BCAT1 inhibits crotonate-related epigenetic modulation of metabolic genes in tumor-associated macrophages to counter immunosuppression
Zhang Weizhi, Liang Shuhang, Han Sitao, Zha Qingrui, Sun Linmao, Tao Shengwei, Zhang Yunguang, Chu Junhui, Chu Qi, Zhang Ning, Ma Kun, Liu Yufeng, Cui Tianming, Gu Xuetian, Cheng Cheng, Guo Xinyu, Fu
Journal:Nature Communications
IF:18.1
DOI:10.1038/s41467-026-72814-w
PMID:
Published:2026-05-11
research field:肿瘤微环境癌症免疫学免疫代谢免疫治疗分子肿瘤学表观遗传学
Abstract
The heterogeneous and immunosuppressive tumor microenvironment (TME) in hepatocellular carcinoma (HCC) contributes to poor immunotherapy responses. Tumor-associated macrophages (TAM) are central to the immunosuppressive TME, but how metabolic programs regulate TAM pro-tumorigenic functions remain incompletely understood. Here, we identify branched-chain amino acid transaminase 1 (BCAT1) as a metabolic checkpoint in TAMs constraining tumor progression. Compared with wild-type TAMs, BCAT1-deficient TAMs have increased intracellular crotonate, as well as enhanced histone H3 lysine 14 crotonylation, upregulated lipid metabolism genes and an immunosuppressive phenotype.

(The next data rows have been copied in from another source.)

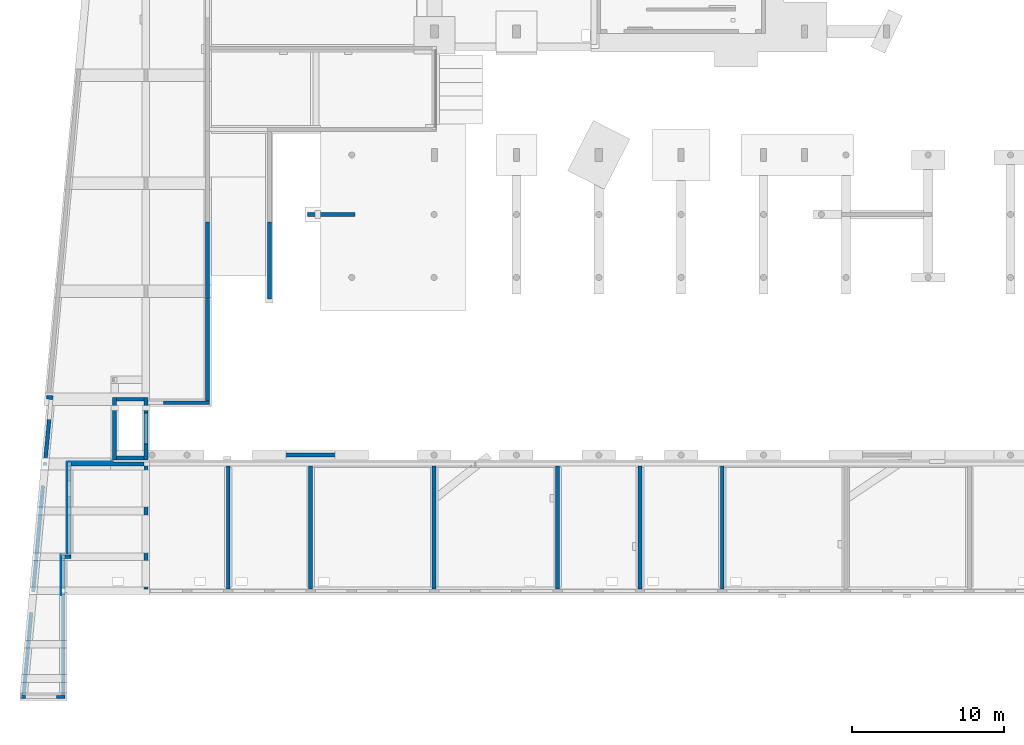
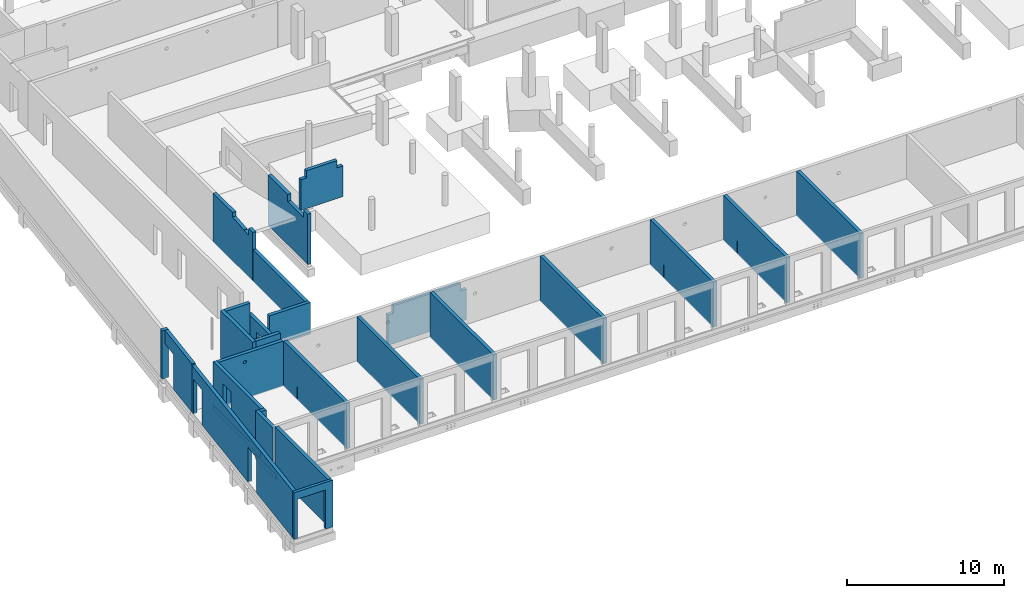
# One storey, part 38 of 60: 29 walls, 22 openings.
"""IFC2X3 building model written with IfcOpenShell, lengths in millimetres."""

from ifc_helpers import new_model, entity, si_unit, converted_unit, derived_unit, direction, frame, frame_2d, origin, place, context, subcontext, project, spatial, polyline, rectangle, circle, outline, extrude, material, layer, layer_set, layer_usage, type_object, element, save


model = new_model("IFC2X3")

# Units and contexts
model_context = context("Model", 3, precision=0.01, world=origin(), true_north=direction((6.12303176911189e-17, 1.0)))
body_context = subcontext(model_context, "Body", "Model", "MODEL_VIEW")
ifc_project = project(units=[si_unit("LENGTHUNIT", "METRE", prefix="MILLI"), si_unit("AREAUNIT", "SQUARE_METRE"), si_unit("VOLUMEUNIT", "CUBIC_METRE"), converted_unit("PLANEANGLEUNIT", "DEGREE", entity("IfcRatioMeasure", 0.0174532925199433), si_unit("PLANEANGLEUNIT", "RADIAN"), dimensions=[0, 0, 0, 0, 0, 0, 0]), si_unit("MASSUNIT", "GRAM", prefix="KILO"), derived_unit("MASSDENSITYUNIT", [(si_unit("MASSUNIT", "GRAM", prefix="KILO"), 1), (si_unit("LENGTHUNIT", "METRE"), -3)]), si_unit("TIMEUNIT", "SECOND"), si_unit("FREQUENCYUNIT", "HERTZ"), si_unit("THERMODYNAMICTEMPERATUREUNIT", "DEGREE_CELSIUS"), derived_unit("THERMALTRANSMITTANCEUNIT", [(si_unit("MASSUNIT", "GRAM", prefix="KILO"), 1), (si_unit("THERMODYNAMICTEMPERATUREUNIT", "KELVIN"), -1), (si_unit("TIMEUNIT", "SECOND"), -3)]), derived_unit("VOLUMETRICFLOWRATEUNIT", [(si_unit("LENGTHUNIT", "METRE"), 3), (si_unit("TIMEUNIT", "SECOND"), -1)]), si_unit("ELECTRICCURRENTUNIT", "AMPERE"), si_unit("ELECTRICVOLTAGEUNIT", "VOLT"), si_unit("POWERUNIT", "WATT"), si_unit("FORCEUNIT", "NEWTON", prefix="KILO"), si_unit("ILLUMINANCEUNIT", "LUX"), si_unit("LUMINOUSFLUXUNIT", "LUMEN"), si_unit("LUMINOUSINTENSITYUNIT", "CANDELA"), derived_unit("USERDEFINED", [(si_unit("MASSUNIT", "GRAM", prefix="KILO"), -1), (si_unit("LENGTHUNIT", "METRE"), -2), (si_unit("TIMEUNIT", "SECOND"), 3), (si_unit("LUMINOUSFLUXUNIT", "LUMEN"), 1)]), derived_unit("LINEARVELOCITYUNIT", [(si_unit("LENGTHUNIT", "METRE"), 1), (si_unit("TIMEUNIT", "SECOND"), -1)]), si_unit("PRESSUREUNIT", "PASCAL"), derived_unit("USERDEFINED", [(si_unit("LENGTHUNIT", "METRE"), -2), (si_unit("MASSUNIT", "GRAM", prefix="KILO"), 1), (si_unit("TIMEUNIT", "SECOND"), -2)])], contexts=[model_context])

# Site, building, storey
site_placement = place(None, origin())
site = spatial("IfcSite", under=ifc_project, at=site_placement, Name="Default", CompositionType="ELEMENT")
building_placement = place(site_placement, origin())
building = spatial("IfcBuilding", under=site, at=building_placement, Name="niet gebruiken", CompositionType="ELEMENT")
storey_placement = place(building_placement, origin())
storey = spatial("IfcBuildingStorey", under=building, at=storey_placement, Name="00 begane grond", CompositionType="ELEMENT", Elevation=0.0)

# Wall, opening
ifc_material_1 = material(Name="NLRS_f2_beton ihwg")
ifc_layer_1 = layer(ifc_material_1, 250.0)
ifc_layer_set_1 = layer_set([ifc_layer_1], Name="Basic Wall:NLRS_22.21_WA_beton ihwg d=250_gen")
ifc_layer_usage_1 = layer_usage(ifc_layer_set_1, "AXIS2", "NEGATIVE", 125.0)
wall_type_1 = type_object("IfcWallType", Name="Basic Wall:NLRS_22.21_WA_beton ihwg d=250_gen", PredefinedType="STANDARD", material=ifc_layer_set_1)
wall_1_placement = place(storey_placement, frame((8100.0, 8496.0, -160.0), z_axis=(0.0, 0.0, 1.0), x_axis=(0.0, -1.0, 0.0)))
wall_1 = element("IfcWallStandardCase", 1, at=wall_1_placement, inside=storey, type_object=wall_type_1, material=ifc_layer_usage_1, Name="Basic Wall:NLRS_22.21_WA_beton ihwg d=250_gen", ObjectType="Basic Wall:NLRS_22.21_WA_beton ihwg d=250_gen", context=body_context, shape_type="SweptSolid", body=[
    extrude(rectangle(XDim=8075.9999999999, YDim=249.999999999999, at=frame_2d((4037.99999999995, 0.0), x_axis=(-1.0, 0.0))), origin(), (0.0, 0.0, 1.0), 3510.00000000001),
])
opening_1_placement = place(wall_1_placement, origin())
element("IfcOpeningElement", 2, at=opening_1_placement, cuts=wall_1, Name="Basic Wall:NLRS_22.21_WA_beton ihwg d=250_gen", ObjectType="Recess", context=body_context, shape_type="SweptSolid", body=[
    extrude(rectangle(XDim=940.0, YDim=50.0000000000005, at=frame_2d((0.0, 5.41788836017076e-13), x_axis=(1.0, 0.0))), frame((1750.0, -125.0, 540.0), z_axis=(0.0, 1.0, 0.0), x_axis=(0.0, 0.0, -1.0)), (0.0, 0.0, 1.0), 40.0000000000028),
])

ifc_layer_usage_2 = layer_usage(ifc_layer_set_1, "AXIS2", "NEGATIVE", 125.0)
wall_2_placement = place(storey_placement, frame((3200.0, 8621.0, -160.0)))
wall_2 = element("IfcWallStandardCase", 3, at=wall_2_placement, inside=storey, type_object=wall_type_1, material=ifc_layer_usage_2, Name="Basic Wall:NLRS_22.21_WA_beton ihwg d=250_gen", ObjectType="Basic Wall:NLRS_22.21_WA_beton ihwg d=250_gen", context=body_context, shape_type="SweptSolid", body=[
    extrude(rectangle(XDim=4775.0, YDim=249.999999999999, at=frame_2d((2387.5, -1.06581410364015e-13), x_axis=(-1.0, 0.0))), origin(), (0.0, 0.0, 1.0), 3510.00000000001),
])
opening_2_placement = place(wall_2_placement, origin())
element("IfcOpeningElement", 4, at=opening_2_placement, cuts=wall_2, Name="Basic Wall:NLRS_22.21_WA_beton ihwg d=250_gen", ObjectType="Opening", context=body_context, shape_type="SweptSolid", body=[
    extrude(circle(Radius=125.0, at=frame_2d((0.0, -5.41433564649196e-13), x_axis=(1.0, 0.0))), frame((1940.0, -125.0, 2860.0), z_axis=(0.0, 1.0, 0.0), x_axis=(1.0, 0.0, 0.0)), (0.0, 0.0, 1.0), 249.999999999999),
])

ifc_layer_usage_3 = layer_usage(ifc_layer_set_1, "AXIS2", "NEGATIVE", 125.0)
wall_3_placement = place(storey_placement, frame((3075.0, 8746.0, -160.0), z_axis=(0.0, 0.0, 1.0), x_axis=(0.0, -1.0, 0.0)))
wall_3 = element("IfcWallStandardCase", 5, at=wall_3_placement, inside=storey, type_object=wall_type_1, material=ifc_layer_usage_3, Name="Basic Wall:NLRS_22.21_WA_beton ihwg d=250_gen", ObjectType="Basic Wall:NLRS_22.21_WA_beton ihwg d=250_gen", context=body_context, shape_type="SweptSolid", body=[
    extrude(rectangle(XDim=6086.00000000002, YDim=250.000000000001, at=frame_2d((3043.00000000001, -1.70530256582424e-13), x_axis=(-1.0, 0.0))), origin(), (0.0, 0.0, 1.0), 3510.00000000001),
])
opening_3_placement = place(wall_3_placement, origin())
element("IfcOpeningElement", 6, at=opening_3_placement, cuts=wall_3, Name="Basic Wall:NLRS_22.21_WA_beton ihwg d=250_gen", ObjectType="Opening", context=body_context, shape_type="SweptSolid", body=[
    extrude(rectangle(XDim=2470.0, YDim=1006.0, at=frame_2d((0.0, 5.40012479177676e-13), x_axis=(1.0, 0.0))), frame((1747.0, -1649.0, 1305.0), z_axis=(0.0, 1.0, 0.0), x_axis=(0.0, 0.0, 1.0)), (0.0, 0.0, 1.0), 3048.0),
])

# Walls
ifc_layer_usage_4 = layer_usage(ifc_layer_set_1, "AXIS2", "NEGATIVE", 125.0)
wall_4_placement = place(storey_placement, frame((3200.0, 2535.0, -160.0), z_axis=(0.0, 0.0, 1.0), x_axis=(-1.0, 0.0, 0.0)))
element("IfcWallStandardCase", 7, at=wall_4_placement, inside=storey, type_object=wall_type_1, material=ifc_layer_usage_4, Name="Basic Wall:NLRS_22.21_WA_beton ihwg d=250_gen", ObjectType="Basic Wall:NLRS_22.21_WA_beton ihwg d=250_gen", context=body_context, shape_type="SweptSolid", body=[
    extrude(rectangle(XDim=399.99999999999, YDim=249.999999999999, at=frame_2d((199.999999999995, 2.8421709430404e-14), x_axis=(-1.0, 0.0))), origin(), (0.0, 0.0, 1.0), 3510.00000000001),
])
ifc_layer_usage_5 = layer_usage(ifc_layer_set_1, "AXIS2", "NEGATIVE", 125.0)
wall_5_placement = place(storey_placement, frame((2675.0, 2660.0, -160.0), z_axis=(0.0, 0.0, 1.0), x_axis=(0.0, -1.0, 0.0)))
element("IfcWallStandardCase", 8, at=wall_5_placement, inside=storey, type_object=wall_type_1, material=ifc_layer_usage_5, Name="Basic Wall:NLRS_22.21_WA_beton ihwg d=250_gen", ObjectType="Basic Wall:NLRS_22.21_WA_beton ihwg d=250_gen", context=body_context, shape_type="SweptSolid", body=[
    extrude(rectangle(XDim=2239.99999999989, YDim=249.999999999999, at=frame_2d((1119.99999999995, 4.9737991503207e-14), x_axis=(-1.0, 0.0))), origin(), (0.0, 0.0, 1.0), 3510.00000000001),
])

# Wall, openings
ifc_layer_usage_6 = layer_usage(ifc_layer_set_1, "AXIS2", "NEGATIVE", 125.0)
wall_6_placement = place(storey_placement, frame((13500.0, 8496.0, -160.0), z_axis=(0.0, 0.0, 1.0), x_axis=(0.0, -1.0, 0.0)))
wall_6 = element("IfcWallStandardCase", 9, at=wall_6_placement, inside=storey, type_object=wall_type_1, material=ifc_layer_usage_6, Name="Basic Wall:NLRS_22.21_WA_beton ihwg d=250_gen", ObjectType="Basic Wall:NLRS_22.21_WA_beton ihwg d=250_gen", context=body_context, shape_type="SweptSolid", body=[
    extrude(rectangle(XDim=8075.99999999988, YDim=249.999999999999, at=frame_2d((4037.99999999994, 0.0), x_axis=(-1.0, 0.0))), origin(), (0.0, 0.0, 1.0), 3510.00000000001),
])
opening_4_placement = place(wall_6_placement, origin())
element("IfcOpeningElement", 10, at=opening_4_placement, cuts=wall_6, Name="Basic Wall:NLRS_22.21_WA_beton ihwg d=250_gen", ObjectType="Recess", context=body_context, shape_type="SweptSolid", body=[
    extrude(rectangle(XDim=940.0, YDim=50.0000000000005, at=frame_2d((0.0, 5.41788836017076e-13), x_axis=(1.0, 0.0))), frame((1550.0, 85.0, 540.0), z_axis=(0.0, 1.0, 0.0), x_axis=(0.0, 0.0, -1.0)), (0.0, 0.0, 1.0), 40.0000000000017),
])
opening_5_placement = place(wall_6_placement, origin())
element("IfcOpeningElement", 11, at=opening_5_placement, cuts=wall_6, Name="Basic Wall:NLRS_22.21_WA_beton ihwg d=250_gen", ObjectType="Recess", context=body_context, shape_type="SweptSolid", body=[
    extrude(rectangle(XDim=940.0, YDim=50.0000000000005, at=frame_2d((0.0, 5.41788836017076e-13), x_axis=(1.0, 0.0))), frame((1750.0, -125.0, 540.0), z_axis=(0.0, 1.0, 0.0), x_axis=(0.0, 0.0, -1.0)), (0.0, 0.0, 1.0), 40.0000000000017),
])

# Wall, opening
ifc_layer_usage_7 = layer_usage(ifc_layer_set_1, "AXIS2", "NEGATIVE", 125.0)
wall_7_placement = place(storey_placement, frame((18900.0, 8496.0, -160.0), z_axis=(0.0, 0.0, 1.0), x_axis=(0.0, -1.0, 0.0)))
wall_7 = element("IfcWallStandardCase", 12, at=wall_7_placement, inside=storey, type_object=wall_type_1, material=ifc_layer_usage_7, Name="Basic Wall:NLRS_22.21_WA_beton ihwg d=250_gen", ObjectType="Basic Wall:NLRS_22.21_WA_beton ihwg d=250_gen", context=body_context, shape_type="SweptSolid", body=[
    extrude(rectangle(XDim=8075.99999999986, YDim=249.999999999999, at=frame_2d((4037.99999999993, 0.0), x_axis=(-1.0, 0.0))), origin(), (0.0, 0.0, 1.0), 3510.00000000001),
])
opening_6_placement = place(wall_7_placement, origin())
element("IfcOpeningElement", 13, at=opening_6_placement, cuts=wall_7, Name="Basic Wall:NLRS_22.21_WA_beton ihwg d=250_gen", ObjectType="Recess", context=body_context, shape_type="SweptSolid", body=[
    extrude(rectangle(XDim=940.0, YDim=50.0000000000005, at=frame_2d((0.0, 5.41788836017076e-13), x_axis=(1.0, 0.0))), frame((1550.0, 85.0, 540.0), z_axis=(0.0, 1.0, 0.0), x_axis=(0.0, 0.0, -1.0)), (0.0, 0.0, 1.0), 40.0000000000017),
])

# Wall
ifc_layer_usage_8 = layer_usage(ifc_layer_set_1, "AXIS2", "NEGATIVE", 125.0)
wall_8_placement = place(storey_placement, frame((27000.0, 8496.0, -160.0), z_axis=(0.0, 0.0, 1.0), x_axis=(0.0, -1.0, 0.0)))
element("IfcWallStandardCase", 14, at=wall_8_placement, inside=storey, type_object=wall_type_1, material=ifc_layer_usage_8, Name="Basic Wall:NLRS_22.21_WA_beton ihwg d=250_gen", ObjectType="Basic Wall:NLRS_22.21_WA_beton ihwg d=250_gen", context=body_context, shape_type="SweptSolid", body=[
    extrude(rectangle(XDim=8075.99999999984, YDim=250.000000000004, at=frame_2d((4037.99999999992, 0.0), x_axis=(-1.0, 0.0))), origin(), (0.0, 0.0, 1.0), 3510.00000000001),
])

# Wall, opening
ifc_layer_usage_9 = layer_usage(ifc_layer_set_1, "AXIS2", "NEGATIVE", 125.0)
wall_9_placement = place(storey_placement, frame((35100.0, 8496.0, -160.0), z_axis=(0.0, 0.0, 1.0), x_axis=(0.0, -1.0, 0.0)))
wall_9 = element("IfcWallStandardCase", 15, at=wall_9_placement, inside=storey, type_object=wall_type_1, material=ifc_layer_usage_9, Name="Basic Wall:NLRS_22.21_WA_beton ihwg d=250_gen", ObjectType="Basic Wall:NLRS_22.21_WA_beton ihwg d=250_gen", context=body_context, shape_type="SweptSolid", body=[
    extrude(rectangle(XDim=8075.99999999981, YDim=250.000000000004, at=frame_2d((4037.99999999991, 0.0), x_axis=(-1.0, 0.0))), origin(), (0.0, 0.0, 1.0), 3510.00000000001),
])
opening_7_placement = place(wall_9_placement, origin())
element("IfcOpeningElement", 16, at=opening_7_placement, cuts=wall_9, Name="Basic Wall:NLRS_22.21_WA_beton ihwg d=250_gen", ObjectType="Recess", context=body_context, shape_type="SweptSolid", body=[
    extrude(rectangle(XDim=940.0, YDim=50.0000000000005, at=frame_2d((0.0, 5.41788836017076e-13), x_axis=(1.0, 0.0))), frame((1750.0, -125.0, 540.0), z_axis=(0.0, 1.0, 0.0), x_axis=(0.0, 0.0, -1.0)), (0.0, 0.0, 1.0), 39.9999999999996),
])

# Wall, openings
ifc_layer_usage_10 = layer_usage(ifc_layer_set_1, "AXIS2", "NEGATIVE", 125.0)
wall_10_placement = place(storey_placement, frame((40500.0, 8496.0, -160.0), z_axis=(0.0, 0.0, 1.0), x_axis=(0.0, -1.0, 0.0)))
wall_10 = element("IfcWallStandardCase", 17, at=wall_10_placement, inside=storey, type_object=wall_type_1, material=ifc_layer_usage_10, Name="Basic Wall:NLRS_22.21_WA_beton ihwg d=250_gen", ObjectType="Basic Wall:NLRS_22.21_WA_beton ihwg d=250_gen", context=body_context, shape_type="SweptSolid", body=[
    extrude(rectangle(XDim=8075.99999999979, YDim=249.999999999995, at=frame_2d((4037.9999999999, 0.0), x_axis=(-1.0, 0.0))), origin(), (0.0, 0.0, 1.0), 3510.00000000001),
])
opening_8_placement = place(wall_10_placement, origin())
element("IfcOpeningElement", 18, at=opening_8_placement, cuts=wall_10, Name="Basic Wall:NLRS_22.21_WA_beton ihwg d=250_gen", ObjectType="Recess", context=body_context, shape_type="SweptSolid", body=[
    extrude(rectangle(XDim=940.0, YDim=50.0000000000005, at=frame_2d((0.0, 5.41788836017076e-13), x_axis=(1.0, 0.0))), frame((1750.0, -125.0, 540.0), z_axis=(0.0, 1.0, 0.0), x_axis=(0.0, 0.0, -1.0)), (0.0, 0.0, 1.0), 40.0000000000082),
])
opening_9_placement = place(wall_10_placement, origin())
element("IfcOpeningElement", 19, at=opening_9_placement, cuts=wall_10, Name="Basic Wall:NLRS_22.21_WA_beton ihwg d=250_gen", ObjectType="Recess", context=body_context, shape_type="SweptSolid", body=[
    extrude(rectangle(XDim=940.0, YDim=50.0000000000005, at=frame_2d((0.0, 5.41788836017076e-13), x_axis=(1.0, 0.0))), frame((1550.0, 85.0, 540.0), z_axis=(0.0, 1.0, 0.0), x_axis=(0.0, 0.0, -1.0)), (0.0, 0.0, 1.0), 40.0000000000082),
])

# Wall, opening
ifc_layer_usage_11 = layer_usage(ifc_layer_set_1, "AXIS2", "NEGATIVE", 125.0)
wall_11_placement = place(storey_placement, frame((45900.0, 8496.0, -160.0), z_axis=(0.0, 0.0, 1.0), x_axis=(0.0, -1.0, 0.0)))
wall_11 = element("IfcWallStandardCase", 20, at=wall_11_placement, inside=storey, type_object=wall_type_1, material=ifc_layer_usage_11, Name="Basic Wall:NLRS_22.21_WA_beton ihwg d=250_gen", ObjectType="Basic Wall:NLRS_22.21_WA_beton ihwg d=250_gen", context=body_context, shape_type="SweptSolid", body=[
    extrude(rectangle(XDim=8075.99999999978, YDim=249.999999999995, at=frame_2d((4037.99999999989, 0.0), x_axis=(-1.0, 0.0))), origin(), (0.0, 0.0, 1.0), 3510.00000000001),
])
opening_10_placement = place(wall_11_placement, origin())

In HCC mouse models, BCAT1-deficient TAMs aggravate tumor burden and suppress CD8 + T cell-mediated antitumor immunity, while myeloid-specific BCAT1 overexpression or adoptive transfer of BCAT1 + macrophages stimulates the antitumor immune response and improves anti-PD1 therapy responses. In summary, our data support a BCAT1-mediated regulation of crotonate-dependent epigenetic modulation of immunosuppressive TAMs in HCC, and indicate BCAT1 + macrophages as an adjuvant treatment for enhancing immune checkpoint blockade therapy.